Task | Your answer needs to include each line of the records in which the string "close" can be found.

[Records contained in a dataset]

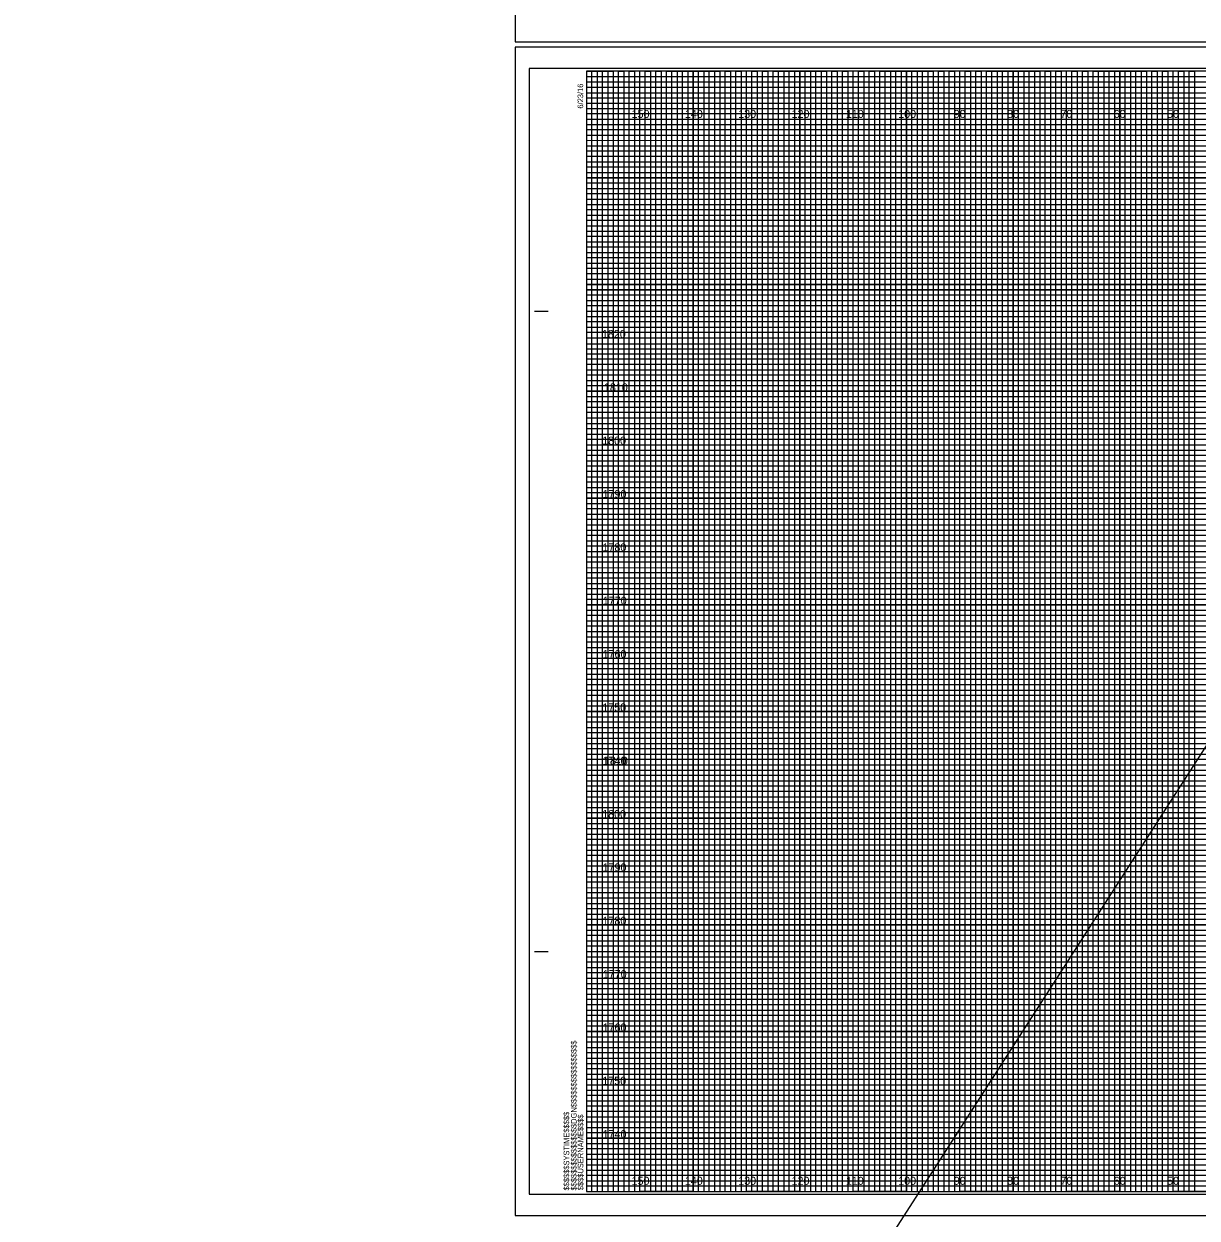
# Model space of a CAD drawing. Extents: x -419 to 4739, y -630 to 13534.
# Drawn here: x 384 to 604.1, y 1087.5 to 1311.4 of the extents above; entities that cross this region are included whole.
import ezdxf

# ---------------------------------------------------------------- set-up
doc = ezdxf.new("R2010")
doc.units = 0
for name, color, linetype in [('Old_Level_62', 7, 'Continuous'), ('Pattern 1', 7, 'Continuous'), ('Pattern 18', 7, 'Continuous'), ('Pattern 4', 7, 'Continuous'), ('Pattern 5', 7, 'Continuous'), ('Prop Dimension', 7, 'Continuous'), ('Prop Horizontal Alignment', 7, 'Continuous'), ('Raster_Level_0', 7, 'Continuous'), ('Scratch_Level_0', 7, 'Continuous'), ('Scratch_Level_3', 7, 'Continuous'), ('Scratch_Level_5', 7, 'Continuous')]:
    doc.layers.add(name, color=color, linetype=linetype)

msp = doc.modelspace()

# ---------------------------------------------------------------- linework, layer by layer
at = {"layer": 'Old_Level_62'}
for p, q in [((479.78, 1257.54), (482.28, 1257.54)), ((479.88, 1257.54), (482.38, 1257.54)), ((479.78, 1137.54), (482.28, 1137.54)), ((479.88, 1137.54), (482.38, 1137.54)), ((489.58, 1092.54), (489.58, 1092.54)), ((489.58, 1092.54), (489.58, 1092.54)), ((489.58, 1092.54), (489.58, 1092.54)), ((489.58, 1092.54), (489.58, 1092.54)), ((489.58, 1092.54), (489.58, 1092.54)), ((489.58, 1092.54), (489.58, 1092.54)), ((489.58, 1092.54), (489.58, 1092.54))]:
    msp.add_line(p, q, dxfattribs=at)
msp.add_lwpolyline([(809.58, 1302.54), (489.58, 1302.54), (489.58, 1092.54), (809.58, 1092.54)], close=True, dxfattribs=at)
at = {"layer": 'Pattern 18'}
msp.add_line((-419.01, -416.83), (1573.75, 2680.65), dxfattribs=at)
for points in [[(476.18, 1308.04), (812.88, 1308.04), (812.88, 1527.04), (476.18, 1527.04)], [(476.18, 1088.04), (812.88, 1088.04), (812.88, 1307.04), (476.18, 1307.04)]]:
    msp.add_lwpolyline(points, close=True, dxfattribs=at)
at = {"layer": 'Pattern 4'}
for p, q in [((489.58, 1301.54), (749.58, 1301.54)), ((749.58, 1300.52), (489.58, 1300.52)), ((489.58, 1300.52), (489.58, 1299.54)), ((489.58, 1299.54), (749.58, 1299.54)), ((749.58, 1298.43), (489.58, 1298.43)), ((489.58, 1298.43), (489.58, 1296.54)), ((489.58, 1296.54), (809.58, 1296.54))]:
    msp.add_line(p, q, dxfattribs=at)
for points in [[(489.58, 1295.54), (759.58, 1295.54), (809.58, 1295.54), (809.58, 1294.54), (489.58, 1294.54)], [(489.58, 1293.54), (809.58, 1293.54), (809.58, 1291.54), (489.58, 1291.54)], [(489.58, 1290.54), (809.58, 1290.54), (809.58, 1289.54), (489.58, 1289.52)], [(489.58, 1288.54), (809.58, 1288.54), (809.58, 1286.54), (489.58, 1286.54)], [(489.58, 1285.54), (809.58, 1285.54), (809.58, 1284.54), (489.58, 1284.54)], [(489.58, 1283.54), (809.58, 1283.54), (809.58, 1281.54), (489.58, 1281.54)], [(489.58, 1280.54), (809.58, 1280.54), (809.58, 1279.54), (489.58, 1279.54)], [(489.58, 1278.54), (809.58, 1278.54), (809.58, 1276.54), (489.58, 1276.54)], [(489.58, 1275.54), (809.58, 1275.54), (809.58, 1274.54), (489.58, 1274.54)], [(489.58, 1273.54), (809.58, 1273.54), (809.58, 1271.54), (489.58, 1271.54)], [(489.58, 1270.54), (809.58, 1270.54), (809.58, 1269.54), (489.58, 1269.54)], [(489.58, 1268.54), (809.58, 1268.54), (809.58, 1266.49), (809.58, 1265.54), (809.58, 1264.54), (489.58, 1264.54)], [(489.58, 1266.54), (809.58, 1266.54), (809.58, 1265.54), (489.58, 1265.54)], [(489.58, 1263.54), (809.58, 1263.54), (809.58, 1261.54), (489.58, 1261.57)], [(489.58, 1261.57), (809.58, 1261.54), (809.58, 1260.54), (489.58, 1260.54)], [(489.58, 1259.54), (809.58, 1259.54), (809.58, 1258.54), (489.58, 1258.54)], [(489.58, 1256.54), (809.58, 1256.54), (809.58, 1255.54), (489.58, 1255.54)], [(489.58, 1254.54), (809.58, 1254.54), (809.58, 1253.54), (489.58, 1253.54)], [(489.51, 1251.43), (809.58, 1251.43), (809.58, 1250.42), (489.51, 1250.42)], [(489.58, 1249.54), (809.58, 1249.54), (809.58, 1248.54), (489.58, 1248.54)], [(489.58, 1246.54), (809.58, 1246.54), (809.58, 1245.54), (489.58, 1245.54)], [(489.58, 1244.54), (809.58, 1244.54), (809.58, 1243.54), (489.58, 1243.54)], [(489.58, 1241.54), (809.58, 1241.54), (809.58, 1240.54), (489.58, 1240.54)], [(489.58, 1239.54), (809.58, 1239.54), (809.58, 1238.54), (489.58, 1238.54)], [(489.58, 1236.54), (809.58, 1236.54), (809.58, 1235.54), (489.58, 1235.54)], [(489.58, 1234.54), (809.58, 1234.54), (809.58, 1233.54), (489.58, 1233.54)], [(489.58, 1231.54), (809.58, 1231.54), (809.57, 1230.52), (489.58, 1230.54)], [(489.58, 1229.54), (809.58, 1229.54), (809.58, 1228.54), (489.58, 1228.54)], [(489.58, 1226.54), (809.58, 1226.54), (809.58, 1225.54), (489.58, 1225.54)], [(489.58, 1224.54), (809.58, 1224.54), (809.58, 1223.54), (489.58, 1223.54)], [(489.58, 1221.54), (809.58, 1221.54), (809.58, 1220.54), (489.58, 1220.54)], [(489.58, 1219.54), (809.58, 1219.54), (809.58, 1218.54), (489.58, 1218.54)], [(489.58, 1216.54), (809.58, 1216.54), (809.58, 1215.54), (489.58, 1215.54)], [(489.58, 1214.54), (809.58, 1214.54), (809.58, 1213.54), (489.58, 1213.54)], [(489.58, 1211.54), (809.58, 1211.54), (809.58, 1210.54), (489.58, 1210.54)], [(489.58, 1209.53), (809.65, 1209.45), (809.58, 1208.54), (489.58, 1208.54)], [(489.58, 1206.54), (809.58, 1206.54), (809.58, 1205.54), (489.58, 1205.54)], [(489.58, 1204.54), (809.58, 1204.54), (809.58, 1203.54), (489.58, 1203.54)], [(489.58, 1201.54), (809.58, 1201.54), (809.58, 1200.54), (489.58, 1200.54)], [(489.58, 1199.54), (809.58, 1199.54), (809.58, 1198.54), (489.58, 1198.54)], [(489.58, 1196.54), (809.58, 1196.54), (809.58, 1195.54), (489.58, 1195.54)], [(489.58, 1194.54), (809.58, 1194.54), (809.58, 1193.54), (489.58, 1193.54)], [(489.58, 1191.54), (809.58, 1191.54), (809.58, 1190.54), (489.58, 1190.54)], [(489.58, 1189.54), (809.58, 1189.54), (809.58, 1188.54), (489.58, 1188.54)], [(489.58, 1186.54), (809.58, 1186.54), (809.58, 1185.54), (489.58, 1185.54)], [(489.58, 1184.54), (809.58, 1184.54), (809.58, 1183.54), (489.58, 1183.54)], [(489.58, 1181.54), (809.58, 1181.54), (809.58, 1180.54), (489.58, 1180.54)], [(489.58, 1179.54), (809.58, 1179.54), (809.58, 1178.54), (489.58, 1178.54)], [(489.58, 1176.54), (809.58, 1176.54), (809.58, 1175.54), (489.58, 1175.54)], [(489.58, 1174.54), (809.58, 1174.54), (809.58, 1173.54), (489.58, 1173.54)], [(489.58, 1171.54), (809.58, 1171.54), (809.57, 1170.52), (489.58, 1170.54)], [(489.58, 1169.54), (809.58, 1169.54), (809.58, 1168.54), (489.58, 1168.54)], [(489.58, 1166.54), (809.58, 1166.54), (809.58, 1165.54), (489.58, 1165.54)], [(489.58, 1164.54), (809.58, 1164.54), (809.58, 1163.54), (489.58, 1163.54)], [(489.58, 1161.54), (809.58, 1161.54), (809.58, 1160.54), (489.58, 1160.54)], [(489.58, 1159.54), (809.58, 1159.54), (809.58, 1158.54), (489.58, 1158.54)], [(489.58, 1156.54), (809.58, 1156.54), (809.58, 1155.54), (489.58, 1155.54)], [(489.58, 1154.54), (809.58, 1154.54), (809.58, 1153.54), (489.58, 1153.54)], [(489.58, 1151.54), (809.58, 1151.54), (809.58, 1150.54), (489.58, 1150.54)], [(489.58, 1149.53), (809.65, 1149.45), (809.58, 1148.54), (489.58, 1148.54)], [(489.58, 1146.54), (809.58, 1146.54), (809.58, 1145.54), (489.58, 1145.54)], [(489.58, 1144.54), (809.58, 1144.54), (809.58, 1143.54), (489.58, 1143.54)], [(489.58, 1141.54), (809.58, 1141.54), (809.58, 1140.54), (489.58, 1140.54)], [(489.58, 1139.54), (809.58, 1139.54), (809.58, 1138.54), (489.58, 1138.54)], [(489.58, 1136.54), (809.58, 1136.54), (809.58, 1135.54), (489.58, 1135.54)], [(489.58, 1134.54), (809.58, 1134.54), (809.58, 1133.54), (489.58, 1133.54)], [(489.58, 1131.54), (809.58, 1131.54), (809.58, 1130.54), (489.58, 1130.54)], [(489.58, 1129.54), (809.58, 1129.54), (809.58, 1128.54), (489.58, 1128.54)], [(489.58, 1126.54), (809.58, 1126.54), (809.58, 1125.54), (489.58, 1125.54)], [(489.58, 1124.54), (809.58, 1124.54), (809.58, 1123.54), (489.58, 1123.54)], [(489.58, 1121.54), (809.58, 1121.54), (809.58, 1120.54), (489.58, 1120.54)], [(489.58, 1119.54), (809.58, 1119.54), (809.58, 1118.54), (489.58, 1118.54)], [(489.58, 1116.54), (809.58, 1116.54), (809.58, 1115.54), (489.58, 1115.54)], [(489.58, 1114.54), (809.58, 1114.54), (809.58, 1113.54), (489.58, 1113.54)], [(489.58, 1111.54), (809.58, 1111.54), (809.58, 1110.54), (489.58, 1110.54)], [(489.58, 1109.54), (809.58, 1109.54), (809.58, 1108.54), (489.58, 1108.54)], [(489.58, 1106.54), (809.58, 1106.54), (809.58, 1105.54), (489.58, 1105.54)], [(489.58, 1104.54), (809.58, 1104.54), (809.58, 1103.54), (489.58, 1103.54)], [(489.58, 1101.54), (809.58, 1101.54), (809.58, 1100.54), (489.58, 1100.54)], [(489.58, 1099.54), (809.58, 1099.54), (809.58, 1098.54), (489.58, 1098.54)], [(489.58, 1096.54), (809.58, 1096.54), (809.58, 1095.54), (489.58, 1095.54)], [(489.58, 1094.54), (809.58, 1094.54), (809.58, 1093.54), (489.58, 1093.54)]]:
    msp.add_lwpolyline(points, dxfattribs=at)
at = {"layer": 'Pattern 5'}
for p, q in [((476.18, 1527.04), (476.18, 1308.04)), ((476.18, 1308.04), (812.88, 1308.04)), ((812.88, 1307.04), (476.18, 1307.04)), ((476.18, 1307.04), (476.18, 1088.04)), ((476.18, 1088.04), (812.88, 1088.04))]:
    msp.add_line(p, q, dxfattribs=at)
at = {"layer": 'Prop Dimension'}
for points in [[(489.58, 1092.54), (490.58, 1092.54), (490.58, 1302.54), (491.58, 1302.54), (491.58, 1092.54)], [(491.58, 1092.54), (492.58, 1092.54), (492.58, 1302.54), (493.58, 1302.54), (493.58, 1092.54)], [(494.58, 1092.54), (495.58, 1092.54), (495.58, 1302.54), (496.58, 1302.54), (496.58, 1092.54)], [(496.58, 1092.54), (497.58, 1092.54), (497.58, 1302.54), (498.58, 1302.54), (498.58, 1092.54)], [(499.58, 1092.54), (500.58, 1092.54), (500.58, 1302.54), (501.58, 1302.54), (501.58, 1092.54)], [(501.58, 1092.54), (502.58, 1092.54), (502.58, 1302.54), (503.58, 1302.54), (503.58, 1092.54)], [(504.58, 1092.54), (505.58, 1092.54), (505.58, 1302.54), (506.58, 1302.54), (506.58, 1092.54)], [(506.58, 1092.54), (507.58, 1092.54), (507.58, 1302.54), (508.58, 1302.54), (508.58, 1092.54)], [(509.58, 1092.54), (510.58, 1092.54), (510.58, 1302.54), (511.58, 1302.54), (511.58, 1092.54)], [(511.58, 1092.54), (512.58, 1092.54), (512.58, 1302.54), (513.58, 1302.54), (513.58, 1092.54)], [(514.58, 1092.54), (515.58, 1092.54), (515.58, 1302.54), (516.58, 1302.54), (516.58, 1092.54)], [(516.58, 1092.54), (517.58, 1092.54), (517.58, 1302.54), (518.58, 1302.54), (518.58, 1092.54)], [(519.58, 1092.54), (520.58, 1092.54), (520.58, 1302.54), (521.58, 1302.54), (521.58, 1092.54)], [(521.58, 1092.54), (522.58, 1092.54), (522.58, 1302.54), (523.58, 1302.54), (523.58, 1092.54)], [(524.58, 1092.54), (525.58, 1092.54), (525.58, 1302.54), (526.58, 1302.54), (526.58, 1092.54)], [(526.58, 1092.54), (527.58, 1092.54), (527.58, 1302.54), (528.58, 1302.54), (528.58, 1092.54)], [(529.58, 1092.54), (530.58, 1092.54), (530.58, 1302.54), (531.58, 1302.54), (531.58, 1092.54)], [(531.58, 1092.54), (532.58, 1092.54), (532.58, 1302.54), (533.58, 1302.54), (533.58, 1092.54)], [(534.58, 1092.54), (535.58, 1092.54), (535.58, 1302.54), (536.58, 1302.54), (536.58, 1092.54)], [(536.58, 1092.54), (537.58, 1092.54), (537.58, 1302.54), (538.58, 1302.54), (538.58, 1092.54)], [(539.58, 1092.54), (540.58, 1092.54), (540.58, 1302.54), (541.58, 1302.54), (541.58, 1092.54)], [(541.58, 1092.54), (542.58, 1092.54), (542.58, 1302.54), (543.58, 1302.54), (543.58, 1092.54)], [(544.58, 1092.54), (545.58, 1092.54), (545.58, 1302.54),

Written response |
msp.add_lwpolyline([(809.58, 1302.54), (489.58, 1302.54), (489.58, 1092.54), (809.58, 1092.54)], close=True, dxfattribs=at)
    msp.add_lwpolyline(points, close=True, dxfattribs=at)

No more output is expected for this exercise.